* _Task objective_:
Without the pictures, output the records below exactly as they are.

* _Data excerpts_:
BEGIN
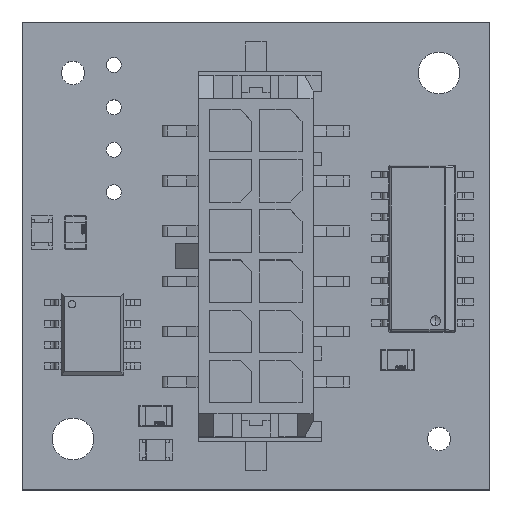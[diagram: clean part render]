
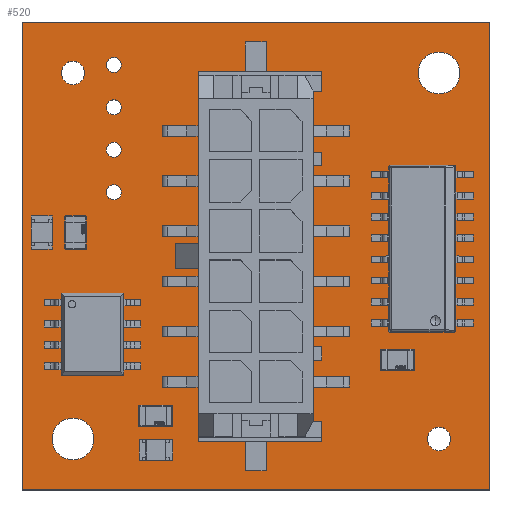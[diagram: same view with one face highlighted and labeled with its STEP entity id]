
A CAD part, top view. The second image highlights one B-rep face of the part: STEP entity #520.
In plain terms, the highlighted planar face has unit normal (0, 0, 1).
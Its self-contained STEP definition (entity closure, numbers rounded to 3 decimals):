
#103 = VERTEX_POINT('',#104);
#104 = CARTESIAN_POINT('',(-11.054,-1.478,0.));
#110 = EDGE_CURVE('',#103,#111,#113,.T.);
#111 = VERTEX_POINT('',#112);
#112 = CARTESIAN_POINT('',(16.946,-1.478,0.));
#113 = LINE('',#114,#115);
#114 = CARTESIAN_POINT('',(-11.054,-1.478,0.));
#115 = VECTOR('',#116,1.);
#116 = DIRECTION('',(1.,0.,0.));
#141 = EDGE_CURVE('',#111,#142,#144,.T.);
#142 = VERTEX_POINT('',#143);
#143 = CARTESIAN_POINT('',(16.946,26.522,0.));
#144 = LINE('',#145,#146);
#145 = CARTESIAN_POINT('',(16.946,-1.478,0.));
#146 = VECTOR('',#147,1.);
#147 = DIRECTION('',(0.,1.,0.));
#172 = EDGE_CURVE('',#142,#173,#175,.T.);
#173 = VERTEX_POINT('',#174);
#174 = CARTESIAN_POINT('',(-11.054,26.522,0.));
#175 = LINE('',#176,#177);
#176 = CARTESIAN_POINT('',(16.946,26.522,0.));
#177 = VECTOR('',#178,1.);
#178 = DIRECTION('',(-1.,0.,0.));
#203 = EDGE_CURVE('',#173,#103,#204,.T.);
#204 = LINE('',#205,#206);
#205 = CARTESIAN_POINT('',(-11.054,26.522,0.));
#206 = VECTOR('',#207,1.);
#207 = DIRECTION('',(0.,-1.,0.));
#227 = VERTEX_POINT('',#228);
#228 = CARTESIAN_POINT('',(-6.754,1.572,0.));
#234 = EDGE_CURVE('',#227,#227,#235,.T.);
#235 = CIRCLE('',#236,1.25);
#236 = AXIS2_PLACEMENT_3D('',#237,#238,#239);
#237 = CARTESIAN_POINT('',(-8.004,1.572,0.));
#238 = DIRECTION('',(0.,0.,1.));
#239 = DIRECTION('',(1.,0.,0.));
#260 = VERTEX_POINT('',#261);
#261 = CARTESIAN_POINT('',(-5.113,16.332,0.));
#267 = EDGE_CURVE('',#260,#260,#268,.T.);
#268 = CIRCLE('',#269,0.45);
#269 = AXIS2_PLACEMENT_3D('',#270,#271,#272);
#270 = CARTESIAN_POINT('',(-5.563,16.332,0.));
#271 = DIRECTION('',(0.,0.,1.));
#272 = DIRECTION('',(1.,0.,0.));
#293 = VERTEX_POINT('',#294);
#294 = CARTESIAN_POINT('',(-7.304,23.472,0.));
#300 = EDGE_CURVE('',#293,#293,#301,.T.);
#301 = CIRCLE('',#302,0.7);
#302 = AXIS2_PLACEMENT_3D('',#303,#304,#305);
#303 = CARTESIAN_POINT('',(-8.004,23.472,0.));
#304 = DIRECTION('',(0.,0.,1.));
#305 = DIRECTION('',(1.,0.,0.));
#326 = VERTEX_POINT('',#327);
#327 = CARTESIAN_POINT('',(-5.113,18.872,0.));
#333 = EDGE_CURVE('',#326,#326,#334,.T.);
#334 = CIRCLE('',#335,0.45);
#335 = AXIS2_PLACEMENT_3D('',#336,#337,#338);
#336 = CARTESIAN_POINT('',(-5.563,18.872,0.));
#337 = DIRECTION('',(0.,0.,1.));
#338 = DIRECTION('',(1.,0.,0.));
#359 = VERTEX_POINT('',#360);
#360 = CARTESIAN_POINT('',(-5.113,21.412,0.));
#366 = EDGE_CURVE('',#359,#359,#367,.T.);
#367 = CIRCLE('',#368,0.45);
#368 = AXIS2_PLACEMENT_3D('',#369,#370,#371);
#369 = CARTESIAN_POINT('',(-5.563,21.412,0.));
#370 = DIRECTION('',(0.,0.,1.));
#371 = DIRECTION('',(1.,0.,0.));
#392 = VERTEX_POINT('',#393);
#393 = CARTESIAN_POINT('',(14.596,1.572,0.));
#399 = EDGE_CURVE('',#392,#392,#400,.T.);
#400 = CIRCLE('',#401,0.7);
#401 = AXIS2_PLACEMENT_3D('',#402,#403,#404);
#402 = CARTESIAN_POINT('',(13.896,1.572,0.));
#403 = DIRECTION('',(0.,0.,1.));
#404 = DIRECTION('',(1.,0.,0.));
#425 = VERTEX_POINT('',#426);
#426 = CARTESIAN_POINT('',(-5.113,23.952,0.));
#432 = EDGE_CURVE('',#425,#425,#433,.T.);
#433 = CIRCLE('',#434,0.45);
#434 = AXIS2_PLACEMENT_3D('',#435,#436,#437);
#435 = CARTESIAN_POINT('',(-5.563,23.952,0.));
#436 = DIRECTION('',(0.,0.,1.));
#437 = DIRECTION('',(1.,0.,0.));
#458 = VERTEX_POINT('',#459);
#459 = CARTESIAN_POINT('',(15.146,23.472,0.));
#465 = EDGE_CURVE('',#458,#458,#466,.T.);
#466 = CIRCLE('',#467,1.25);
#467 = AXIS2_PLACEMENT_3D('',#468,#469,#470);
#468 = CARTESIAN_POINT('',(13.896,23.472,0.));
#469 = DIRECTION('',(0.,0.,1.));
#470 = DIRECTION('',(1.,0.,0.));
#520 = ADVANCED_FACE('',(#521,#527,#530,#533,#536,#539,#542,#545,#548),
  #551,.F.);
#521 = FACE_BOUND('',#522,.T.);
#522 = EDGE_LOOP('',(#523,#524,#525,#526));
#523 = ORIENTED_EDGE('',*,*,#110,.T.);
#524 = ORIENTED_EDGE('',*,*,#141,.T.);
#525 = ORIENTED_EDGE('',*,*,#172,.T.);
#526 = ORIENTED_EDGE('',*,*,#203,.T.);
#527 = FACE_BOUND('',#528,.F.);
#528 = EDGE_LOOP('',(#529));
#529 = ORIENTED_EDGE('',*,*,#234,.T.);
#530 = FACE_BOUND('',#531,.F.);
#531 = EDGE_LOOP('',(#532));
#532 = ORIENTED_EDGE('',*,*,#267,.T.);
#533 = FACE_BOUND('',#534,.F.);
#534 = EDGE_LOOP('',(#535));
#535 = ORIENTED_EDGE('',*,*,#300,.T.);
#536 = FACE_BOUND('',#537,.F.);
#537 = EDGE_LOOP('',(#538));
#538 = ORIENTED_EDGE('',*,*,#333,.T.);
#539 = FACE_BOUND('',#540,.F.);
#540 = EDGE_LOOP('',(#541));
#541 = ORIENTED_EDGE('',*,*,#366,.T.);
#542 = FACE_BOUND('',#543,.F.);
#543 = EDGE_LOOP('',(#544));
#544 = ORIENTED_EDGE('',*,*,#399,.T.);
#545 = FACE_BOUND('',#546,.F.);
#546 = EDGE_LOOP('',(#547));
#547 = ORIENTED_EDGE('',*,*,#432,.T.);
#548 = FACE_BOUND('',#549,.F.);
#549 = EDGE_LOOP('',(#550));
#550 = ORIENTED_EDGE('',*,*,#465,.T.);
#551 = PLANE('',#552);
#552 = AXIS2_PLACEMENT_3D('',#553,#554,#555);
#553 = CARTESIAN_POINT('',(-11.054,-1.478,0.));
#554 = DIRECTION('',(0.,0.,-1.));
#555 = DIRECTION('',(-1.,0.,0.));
END
* _Response to the task_:
[diagram: clean part render]
[diagram: same view with one face highlighted and labeled with its STEP entity id]
A CAD part, top view. The second image highlights one B-rep face of the part: STEP entity #520.
In plain terms, the highlighted planar face has unit normal (0, 0, 1).
Its self-contained STEP definition (entity closure, numbers rounded to 3 decimals):
#103 = VERTEX_POINT('',#104);
#104 = CARTESIAN_POINT('',(-11.054,-1.478,0.));
#110 = EDGE_CURVE('',#103,#111,#113,.T.);
#111 = VERTEX_POINT('',#112);
#112 = CARTESIAN_POINT('',(16.946,-1.478,0.));
#113 = LINE('',#114,#115);
#114 = CARTESIAN_POINT('',(-11.054,-1.478,0.));
#115 = VECTOR('',#116,1.);
#116 = DIRECTION('',(1.,0.,0.));
#141 = EDGE_CURVE('',#111,#142,#144,.T.);
#142 = VERTEX_POINT('',#143);
#143 = CARTESIAN_POINT('',(16.946,26.522,0.));
#144 = LINE('',#145,#146);
#145 = CARTESIAN_POINT('',(16.946,-1.478,0.));
#146 = VECTOR('',#147,1.);
#147 = DIRECTION('',(0.,1.,0.));
#172 = EDGE_CURVE('',#142,#173,#175,.T.);
#173 = VERTEX_POINT('',#174);
#174 = CARTESIAN_POINT('',(-11.054,26.522,0.));
#175 = LINE('',#176,#177);
#176 = CARTESIAN_POINT('',(16.946,26.522,0.));
#177 = VECTOR('',#178,1.);
#178 = DIRECTION('',(-1.,0.,0.));
#203 = EDGE_CURVE('',#173,#103,#204,.T.);
#204 = LINE('',#205,#206);
#205 = CARTESIAN_POINT('',(-11.054,26.522,0.));
#206 = VECTOR('',#207,1.);
#207 = DIRECTION('',(0.,-1.,0.));
#227 = VERTEX_POINT('',#228);
#228 = CARTESIAN_POINT('',(-6.754,1.572,0.));
#234 = EDGE_CURVE('',#227,#227,#235,.T.);
#235 = CIRCLE('',#236,1.25);
#236 = AXIS2_PLACEMENT_3D('',#237,#238,#239);
#237 = CARTESIAN_POINT('',(-8.004,1.572,0.));
#238 = DIRECTION('',(0.,0.,1.));
#239 = DIRECTION('',(1.,0.,0.));
#260 = VERTEX_POINT('',#261);
#261 = CARTESIAN_POINT('',(-5.113,16.332,0.));
#267 = EDGE_CURVE('',#260,#260,#268,.T.);
#268 = CIRCLE('',#269,0.45);
#269 = AXIS2_PLACEMENT_3D('',#270,#271,#272);
#270 = CARTESIAN_POINT('',(-5.563,16.332,0.));
#271 = DIRECTION('',(0.,0.,1.));
#272 = DIRECTION('',(1.,0.,0.));
#293 = VERTEX_POINT('',#294);
#294 = CARTESIAN_POINT('',(-7.304,23.472,0.));
#300 = EDGE_CURVE('',#293,#293,#301,.T.);
#301 = CIRCLE('',#302,0.7);
#302 = AXIS2_PLACEMENT_3D('',#303,#304,#305);
#303 = CARTESIAN_POINT('',(-8.004,23.472,0.));
#304 = DIRECTION('',(0.,0.,1.));
#305 = DIRECTION('',(1.,0.,0.));
#326 = VERTEX_POINT('',#327);
#327 = CARTESIAN_POINT('',(-5.113,18.872,0.));
#333 = EDGE_CURVE('',#326,#326,#334,.T.);
#334 = CIRCLE('',#335,0.45);
#335 = AXIS2_PLACEMENT_3D('',#336,#337,#338);
#336 = CARTESIAN_POINT('',(-5.563,18.872,0.));
#337 = DIRECTION('',(0.,0.,1.));
#338 = DIRECTION('',(1.,0.,0.));
#359 = VERTEX_POINT('',#360);
#360 = CARTESIAN_POINT('',(-5.113,21.412,0.));
#366 = EDGE_CURVE('',#359,#359,#367,.T.);
#367 = CIRCLE('',#368,0.45);
#368 = AXIS2_PLACEMENT_3D('',#369,#370,#371);
#369 = CARTESIAN_POINT('',(-5.563,21.412,0.));
#370 = DIRECTION('',(0.,0.,1.));
#371 = DIRECTION('',(1.,0.,0.));
#392 = VERTEX_POINT('',#393);
#393 = CARTESIAN_POINT('',(14.596,1.572,0.));
#399 = EDGE_CURVE('',#392,#392,#400,.T.);
#400 = CIRCLE('',#401,0.7);
#401 = AXIS2_PLACEMENT_3D('',#402,#403,#404);
#402 = CARTESIAN_POINT('',(13.896,1.572,0.));
#403 = DIRECTION('',(0.,0.,1.));
#404 = DIRECTION('',(1.,0.,0.));
#425 = VERTEX_POINT('',#426);
#426 = CARTESIAN_POINT('',(-5.113,23.952,0.));
#432 = EDGE_CURVE('',#425,#425,#433,.T.);
#433 = CIRCLE('',#434,0.45);
#434 = AXIS2_PLACEMENT_3D('',#435,#436,#437);
#435 = CARTESIAN_POINT('',(-5.563,23.952,0.));
#436 = DIRECTION('',(0.,0.,1.));
#437 = DIRECTION('',(1.,0.,0.));
#458 = VERTEX_POINT('',#459);
#459 = CARTESIAN_POINT('',(15.146,23.472,0.));
#465 = EDGE_CURVE('',#458,#458,#466,.T.);
#466 = CIRCLE('',#467,1.25);
#467 = AXIS2_PLACEMENT_3D('',#468,#469,#470);
#468 = CARTESIAN_POINT('',(13.896,23.472,0.));
#469 = DIRECTION('',(0.,0.,1.));
#470 = DIRECTION('',(1.,0.,0.));
#520 = ADVANCED_FACE('',(#521,#527,#530,#533,#536,#539,#542,#545,#548),
  #551,.F.);
#521 = FACE_BOUND('',#522,.T.);
#522 = EDGE_LOOP('',(#523,#524,#525,#526));
#523 = ORIENTED_EDGE('',*,*,#110,.T.);
#524 = ORIENTED_EDGE('',*,*,#141,.T.);
#525 = ORIENTED_EDGE('',*,*,#172,.T.);
#526 = ORIENTED_EDGE('',*,*,#203,.T.);
#527 = FACE_BOUND('',#528,.F.);
#528 = EDGE_LOOP('',(#529));
#529 = ORIENTED_EDGE('',*,*,#234,.T.);
#530 = FACE_BOUND('',#531,.F.);
#531 = EDGE_LOOP('',(#532));
#532 = ORIENTED_EDGE('',*,*,#267,.T.);
#533 = FACE_BOUND('',#534,.F.);
#534 = EDGE_LOOP('',(#535));
#535 = ORIENTED_EDGE('',*,*,#300,.T.);
#536 = FACE_BOUND('',#537,.F.);
#537 = EDGE_LOOP('',(#538));
#538 = ORIENTED_EDGE('',*,*,#333,.T.);
#539 = FACE_BOUND('',#540,.F.);
#540 = EDGE_LOOP('',(#541));
#541 = ORIENTED_EDGE('',*,*,#366,.T.);
#542 = FACE_BOUND('',#543,.F.);
#543 = EDGE_LOOP('',(#544));
#544 = ORIENTED_EDGE('',*,*,#399,.T.);
#545 = FACE_BOUND('',#546,.F.);
#546 = EDGE_LOOP('',(#547));
#547 = ORIENTED_EDGE('',*,*,#432,.T.);
#548 = FACE_BOUND('',#549,.F.);
#549 = EDGE_LOOP('',(#550));
#550 = ORIENTED_EDGE('',*,*,#465,.T.);
#551 = PLANE('',#552);
#552 = AXIS2_PLACEMENT_3D('',#553,#554,#555);
#553 = CARTESIAN_POINT('',(-11.054,-1.478,0.));
#554 = DIRECTION('',(0.,0.,-1.));
#555 = DIRECTION('',(-1.,0.,0.));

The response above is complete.